Our concern is not merely academic. As we have argued, an exaggerated view of the spread of non-standard work may inadvertently work against broader efforts to reverse the long-term decline in workers’ bargaining power. Potential problems include fostering undue pessimism about the future of collective bargaining, the promotion by policymakers and public commentators of new, less secure employment relationships such as “independent workers,” and reduced attention to what we think is a more immediate threat, the “fissuring” of workplaces, which robs even workers in standard jobs of important legal protections and related leverage in bargaining. That said, one aspect of the discussion that deserves emphasis is the fact that even a relatively small, relatively stable number of non-standard jobs can significantly undermine employment standards if employers deploy these kinds of jobs strategically (as Robert Kuttner noted in his introduction to this discussion).

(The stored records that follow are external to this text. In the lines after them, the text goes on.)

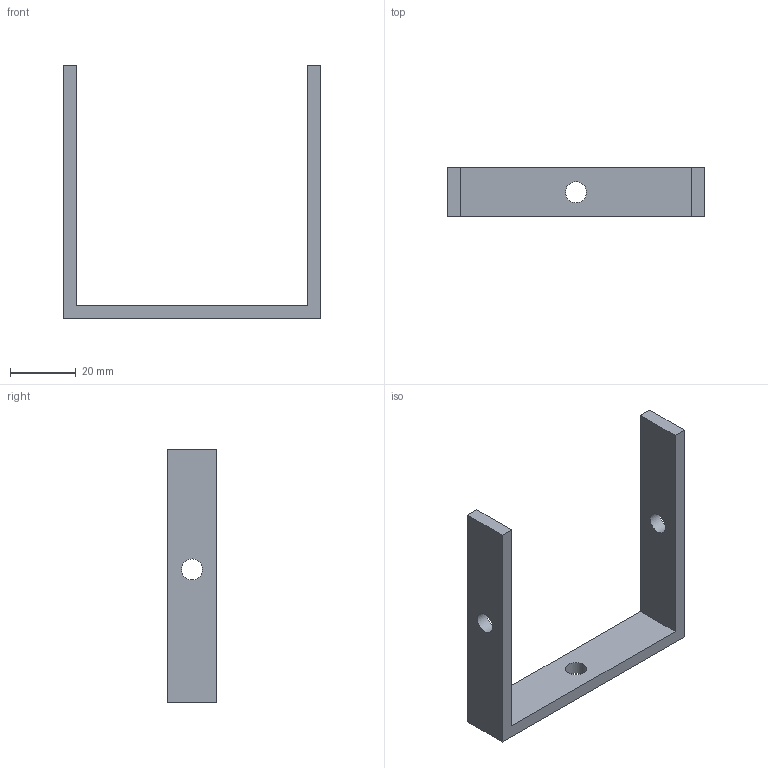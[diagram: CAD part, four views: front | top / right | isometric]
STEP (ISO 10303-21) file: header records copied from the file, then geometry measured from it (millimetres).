
FILE_DESCRIPTION(('Mechanical CAD reference from nasji.com'),'2;1');
FILE_NAME('NASJI.step','',(''),(''),'','NASJI distribution','');
FILE_SCHEMA(('AUTOMOTIVE_DESIGN { 1 0 10303 214 1 1 1 1 }'));
Length unit declared in the file: millimetre
Products named in the file (1): Open CASCADE STEP translator 7.8 152
Bounding box: 78.39 x 15.04 x 77.1 mm (x, y, z)
Volume: 13125.3 mm3; surface area: 8721 mm2
Topology: 1 solids, 1 shells, 13 faces, 33 edges, 22 vertices
Faces by surface type: plane 10, cylinder 3
Full cylindrical faces by diameter (mm): 6.4 x3
Entity records: 852 total; most frequent: CARTESIAN_POINT 163, DIRECTION 125, LINE 83, VECTOR 83, ORIENTED_EDGE 66, PCURVE 66, DEFINITIONAL_REPRESENTATION 66, EDGE_CURVE 33
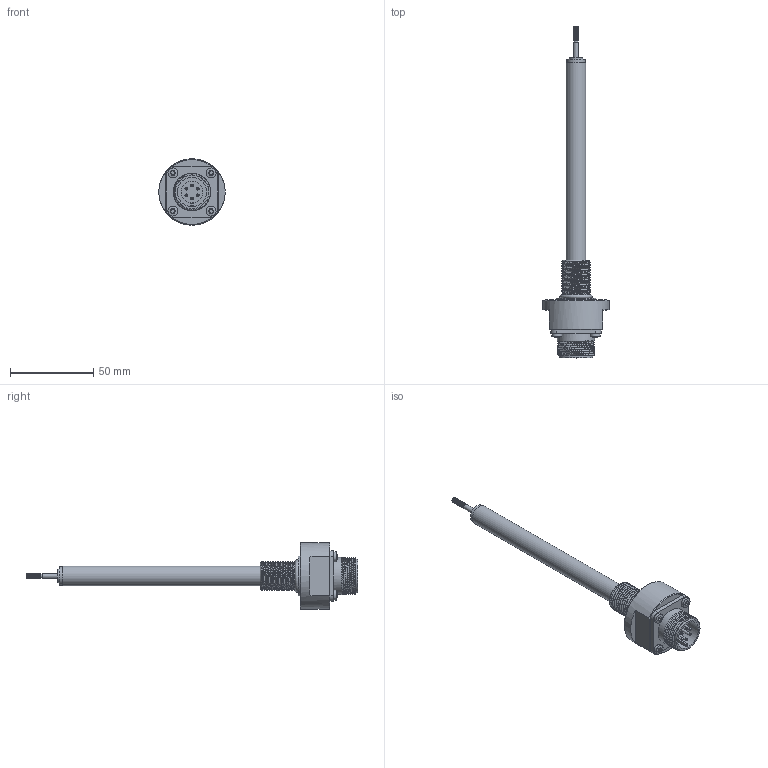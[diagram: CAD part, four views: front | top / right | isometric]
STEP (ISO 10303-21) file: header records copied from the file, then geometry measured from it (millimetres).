
FILE_DESCRIPTION( ( 'Unknown' ), '1' );
FILE_NAME( 'N:/Engineering/CAD/LVDT/HYD/Kunden-3D-Modell/SM50-HYD-M-18-S.stp', 'Unknown', ( 'Unknown' ), ( 'Unknown' ), 'PSStep 17.0.49', 'Unknown', ' ' );
FILE_SCHEMA( ( 'AUTOMOTIVE_DESIGN { 1 0 10303 214 1 1 1 1 }' ) );
Length unit declared in the file: millimetre
Products named in the file (9): Assem1; Endkappe; Innenrohr_SM5-HYD; Kernverlängerung_SM5-HYD; SM-HYD-Flansch_M18_vereinfacht; O-Ring_15,4x2,1; MIL-Stecker_2; DIN7985_M3-6_Torx; Aussenrohr_SM50-HYD-M_vereinfacht
Assembly tree (11 placements, depth 2):
  Assem1
    Endkappe
    Innenrohr_SM5-HYD
    Kernverlängerung_SM5-HYD
    SM-HYD-Flansch_M18_vereinfacht
    O-Ring_15,4x2,1
    MIL-Stecker_2
    DIN7985_M3-6_Torx  x4
    Aussenrohr_SM50-HYD-M_vereinfacht
Bounding box: 40 x 199.9 x 40 mm (x, y, z)
Volume: 45780.8 mm3; surface area: 23505.6 mm2
Topology: 11 solids, 11 shells, 255 faces, 589 edges, 385 vertices
Faces by surface type: plane 132, cylinder 82, cone 22, bspline 14, sphere 4, torus 1
Full cylindrical faces by diameter (mm): 1.4 x6, 1.6 x6, 2.013 x1, 2.4 x1, 2.5 x8, 3 x9, 4 x1, 6 x6, 8 x1, 10 x1, 11 x2, 12 x3, 13 x1, 15.8 x1, 17.6 x1, 18.8 x1, 20.2 x1, 22.3 x7, 24 x1, 40 x1
Entity records: 13563 total; most frequent: CARTESIAN_POINT 8176, DIRECTION 792, ORIENTED_EDGE 656, AXIS2_PLACEMENT_3D 336, EDGE_CURVE 328, EDGE_LOOP 289, VERTEX_POINT 255, FACE_OUTER_BOUND 236

Meanwhile, the strategic development of non-standard work arrangements is just one part of a broader backdrop of concerted—and largely successful—efforts to reduce the bargaining power of workers. Over the last four decades, employers, as a class, have remade economic policy with the specific goal of decimating workers’ bargaining power. In addition to the fissuring of workplaces mentioned above, core elements of this effort include attacks on the right to organize and bargain collectively in both the private and public sectors, a long-term erosion in the purchasing power of the federal minimum wage, a pro-corporate, anti-worker globalization agenda, a sharp decline in enforcement of existing labor regulations, macroeconomic policy that puts fighting inflation ahead of full employment, and many more. Workers—standard and non-standard—have to be prepared to fight on many fronts.

 

Final Comment by David Weil

John Schmitt and Heidi Shierholz’s response underscores our agreement on a number of basic issues in regard to why work has become so bad for so many. But I would still argue that debating the relative size of standard versus non-standard (or contingent vs. noncontingent) employment pulls us away from increasingly more pressing fundamental issues:

  • If more and more households depend on multiple jobs to cover their expenses, then we should be worried about primary, secondary, and tertiary income streams.
  • We should worry about formal and informal sources of that income, since in many industries, misclassification has morphed into off-the-books payments that are hard to trace even with access to 1099 records.
  • We must consider how increasing volatility of single or multiple earnings streams contributes to the Federal Reserve Board finding that 46 percent of households would have difficulty handling an unexpected $400 expense, reflecting a wide-scale liquidity crisis facing too many working families.
  • And we need to explore how the reconstitution of businesses could push down referent wages in labor markets, driving entry and exit decisions at work for already low-wage, vulnerable workers.

In short, we need to go beyond debating the relative prevalence of “non-standard” versus “standard” jobs. Instead, we must examine how the transformation of business organization and the structure of the economy has changed the very nature of work in all its forms and then turn, laser-focused, to what to do about it.